═════ Raw data ═════
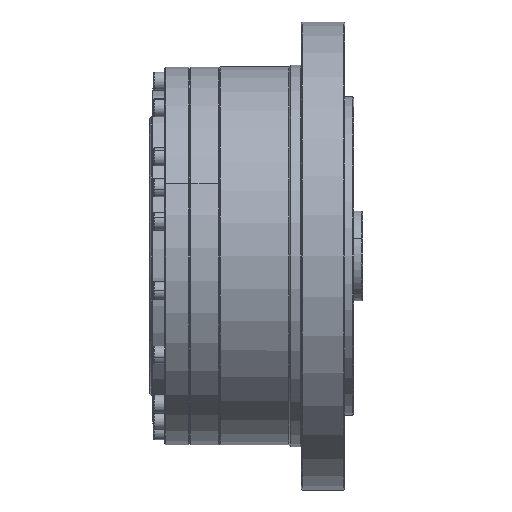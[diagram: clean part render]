
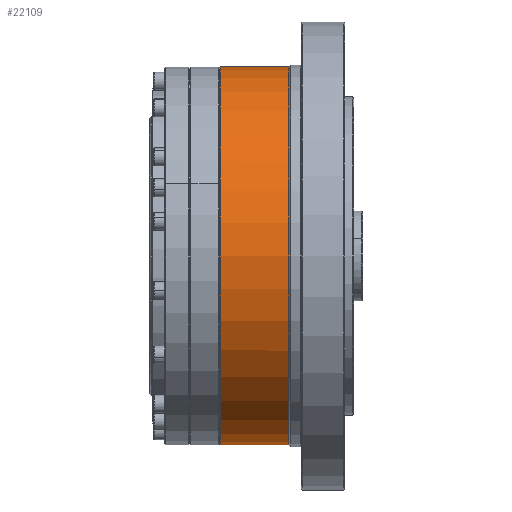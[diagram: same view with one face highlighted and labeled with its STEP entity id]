
A CAD part, front view. The second image highlights one B-rep face of the part: STEP entity #22109.
In plain terms, the highlighted cylindrical face has radius 105 mm (diameter 210 mm), a partial arc.
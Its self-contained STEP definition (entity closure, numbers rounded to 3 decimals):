
#104 = CIRCLE ( 'NONE', #17296, 105. ) ;
#1322 = DIRECTION ( 'NONE',  ( -1., 0., 0. ) ) ;
#2152 = VERTEX_POINT ( 'NONE', #10496 ) ;
#3491 = VECTOR ( 'NONE', #1322, 1000. ) ;
#4810 = EDGE_CURVE ( 'NONE', #5682, #24474, #37550, .T. ) ;
#4835 = CARTESIAN_POINT ( 'NONE',  ( 7.5, 0., 0. ) ) ;
#4975 = DIRECTION ( 'NONE',  ( 0., 0., -1. ) ) ;
#5682 = VERTEX_POINT ( 'NONE', #32603 ) ;
#6245 = FACE_OUTER_BOUND ( 'NONE', #7349, .T. ) ;
#7296 = ORIENTED_EDGE ( 'NONE', *, *, #14882, .F. ) ;
#7349 = EDGE_LOOP ( 'NONE', ( #7296, #22592, #13137, #12622 ) ) ;
#7580 = EDGE_CURVE ( 'NONE', #2152, #5682, #32551, .T. ) ;
#10496 = CARTESIAN_POINT ( 'NONE',  ( 45.5, 0., 105. ) ) ;
#11602 = LINE ( 'NONE', #25258, #3491 ) ;
#12622 = ORIENTED_EDGE ( 'NONE', *, *, #4810, .T. ) ;
#13137 = ORIENTED_EDGE ( 'NONE', *, *, #7580, .T. ) ;
#13199 = CARTESIAN_POINT ( 'NONE',  ( 45.5, 0., 0. ) ) ;
#13561 = DIRECTION ( 'NONE',  ( 1., 0., 0. ) ) ;
#14882 = EDGE_CURVE ( 'NONE', #25624, #24474, #11602, .T. ) ;
#15424 = DIRECTION ( 'NONE',  ( -1., 0., 0. ) ) ;
#16274 = DIRECTION ( 'NONE',  ( 0., 0., 1. ) ) ;
#16453 = VECTOR ( 'NONE', #15424, 1000. ) ;
#17296 = AXIS2_PLACEMENT_3D ( 'NONE', #13199, #34399, #16274 ) ;
#18584 = AXIS2_PLACEMENT_3D ( 'NONE', #20087, #19961, #32006 ) ;
#19961 = DIRECTION ( 'NONE',  ( -1., 0., 0. ) ) ;
#20087 = CARTESIAN_POINT ( 'NONE',  ( 55.519, 0., 0. ) ) ;
#21945 = EDGE_CURVE ( 'NONE', #25624, #2152, #104, .T. ) ;
#22109 = ADVANCED_FACE ( 'NONE', ( #6245 ), #27679, .T. ) ;
#22592 = ORIENTED_EDGE ( 'NONE', *, *, #21945, .T. ) ;
#24474 = VERTEX_POINT ( 'NONE', #29749 ) ;
#25258 = CARTESIAN_POINT ( 'NONE',  ( 55.519, 0., -105. ) ) ;
#25624 = VERTEX_POINT ( 'NONE', #28987 ) ;
#27679 = CYLINDRICAL_SURFACE ( 'NONE', #18584, 105. ) ;
#28987 = CARTESIAN_POINT ( 'NONE',  ( 45.5, 0., -105. ) ) ;
#29749 = CARTESIAN_POINT ( 'NONE',  ( 7.5, 0., -105. ) ) ;
#32006 = DIRECTION ( 'NONE',  ( 0., 0., 1. ) ) ;
#32551 = LINE ( 'NONE', #36571, #16453 ) ;
#32603 = CARTESIAN_POINT ( 'NONE',  ( 7.5, 0., 105. ) ) ;
#34399 = DIRECTION ( 'NONE',  ( -1., 0., 0. ) ) ;
#36571 = CARTESIAN_POINT ( 'NONE',  ( 55.519, 0., 105. ) ) ;
#37550 = CIRCLE ( 'NONE', #38659, 105. ) ;
#38659 = AXIS2_PLACEMENT_3D ( 'NONE', #4835, #13561, #4975 ) ;
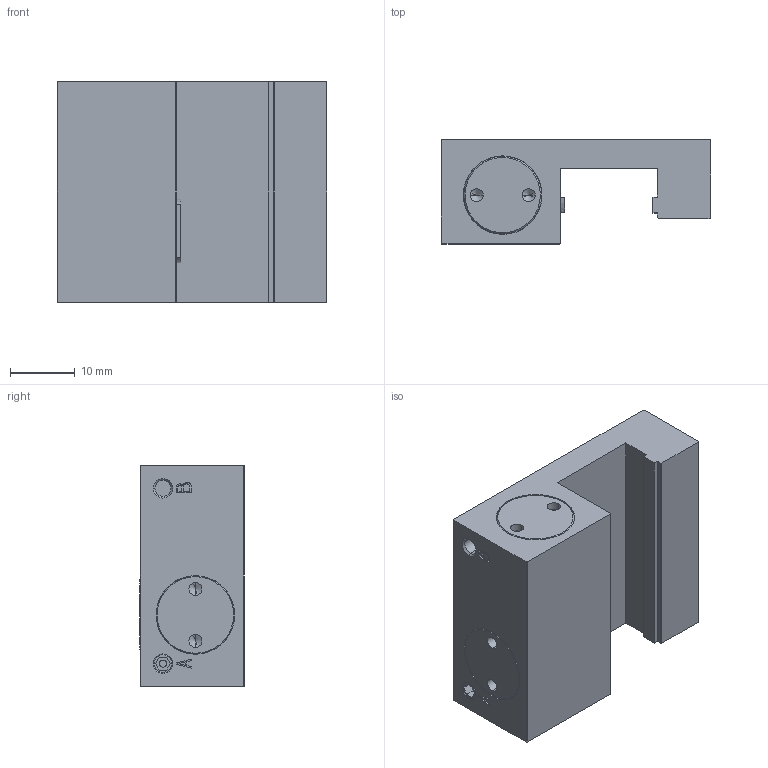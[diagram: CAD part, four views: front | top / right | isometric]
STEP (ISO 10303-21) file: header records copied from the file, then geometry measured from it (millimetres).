
FILE_DESCRIPTION( ( '' ), '1' );
FILE_NAME( 'E:/04 嬴檜蠱滌/0404 ZIMMER/040414 ZIMMER CAD download/MCP/MCP1505A---.stp', '2020-04-16T10:02:39', ( '' ), ( '' ), ' ', ' ', ' ' );
FILE_SCHEMA( ( 'automotive_design' ) );
Length unit declared in the file: millimetre
Products named in the file (1): 1
Bounding box: 41.5 x 16.05 x 34 mm (x, y, z)
Volume: 15531.8 mm3; surface area: 5829.5 mm2
Topology: 1 solids, 1 shells, 121 faces, 286 edges, 180 vertices
Faces by surface type: plane 67, cylinder 32, cone 22
Entity records: 6686 total; most frequent: DIRECTION 602, STYLED_ITEM 580, PRESENTATION_STYLE_ASSIGNMENT 580, CARTESIAN_POINT 580, COLOUR_RGB 580, ORIENTED_EDGE 556, EDGE_CURVE 278, CURVE_STYLE 278
═════
What you should do:
From the data above, return only the lines starting at the line that holds "#7349 = EDGE_LOOP" and ending at the line that holds "[diagram: CAD part, four", word for word and without pictures.

Exercise solution:
#7349 = EDGE_LOOP ( 'NONE', ( #7296, #22592, #13137, #12622 ) ) ;
#7580 = EDGE_CURVE ( 'NONE', #2152, #5682, #32551, .T. ) ;
#10496 = CARTESIAN_POINT ( 'NONE',  ( 45.5, 0., 105. ) ) ;
#11602 = LINE ( 'NONE', #25258, #3491 ) ;
#12622 = ORIENTED_EDGE ( 'NONE', *, *, #4810, .T. ) ;
#13137 = ORIENTED_EDGE ( 'NONE', *, *, #7580, .T. ) ;
#13199 = CARTESIAN_POINT ( 'NONE',  ( 45.5, 0., 0. ) ) ;
#13561 = DIRECTION ( 'NONE',  ( 1., 0., 0. ) ) ;
#14882 = EDGE_CURVE ( 'NONE', #25624, #24474, #11602, .T. ) ;
#15424 = DIRECTION ( 'NONE',  ( -1., 0., 0. ) ) ;
#16274 = DIRECTION ( 'NONE',  ( 0., 0., 1. ) ) ;
#16453 = VECTOR ( 'NONE', #15424, 1000. ) ;
#17296 = AXIS2_PLACEMENT_3D ( 'NONE', #13199, #34399, #16274 ) ;
#18584 = AXIS2_PLACEMENT_3D ( 'NONE', #20087, #19961, #32006 ) ;
#19961 = DIRECTION ( 'NONE',  ( -1., 0., 0. ) ) ;
#20087 = CARTESIAN_POINT ( 'NONE',  ( 55.519, 0., 0. ) ) ;
#21945 = EDGE_CURVE ( 'NONE', #25624, #2152, #104, .T. ) ;
#22109 = ADVANCED_FACE ( 'NONE', ( #6245 ), #27679, .T. ) ;
#22592 = ORIENTED_EDGE ( 'NONE', *, *, #21945, .T. ) ;
#24474 = VERTEX_POINT ( 'NONE', #29749 ) ;
#25258 = CARTESIAN_POINT ( 'NONE',  ( 55.519, 0., -105. ) ) ;
#25624 = VERTEX_POINT ( 'NONE', #28987 ) ;
#27679 = CYLINDRICAL_SURFACE ( 'NONE', #18584, 105. ) ;
#28987 = CARTESIAN_POINT ( 'NONE',  ( 45.5, 0., -105. ) ) ;
#29749 = CARTESIAN_POINT ( 'NONE',  ( 7.5, 0., -105. ) ) ;
#32006 = DIRECTION ( 'NONE',  ( 0., 0., 1. ) ) ;
#32551 = LINE ( 'NONE', #36571, #16453 ) ;
#32603 = CARTESIAN_POINT ( 'NONE',  ( 7.5, 0., 105. ) ) ;
#34399 = DIRECTION ( 'NONE',  ( -1., 0., 0. ) ) ;
#36571 = CARTESIAN_POINT ( 'NONE',  ( 55.519, 0., 105. ) ) ;
#37550 = CIRCLE ( 'NONE', #38659, 105. ) ;
#38659 = AXIS2_PLACEMENT_3D ( 'NONE', #4835, #13561, #4975 ) ;
[diagram: CAD part, four views: front | top / right | isometric]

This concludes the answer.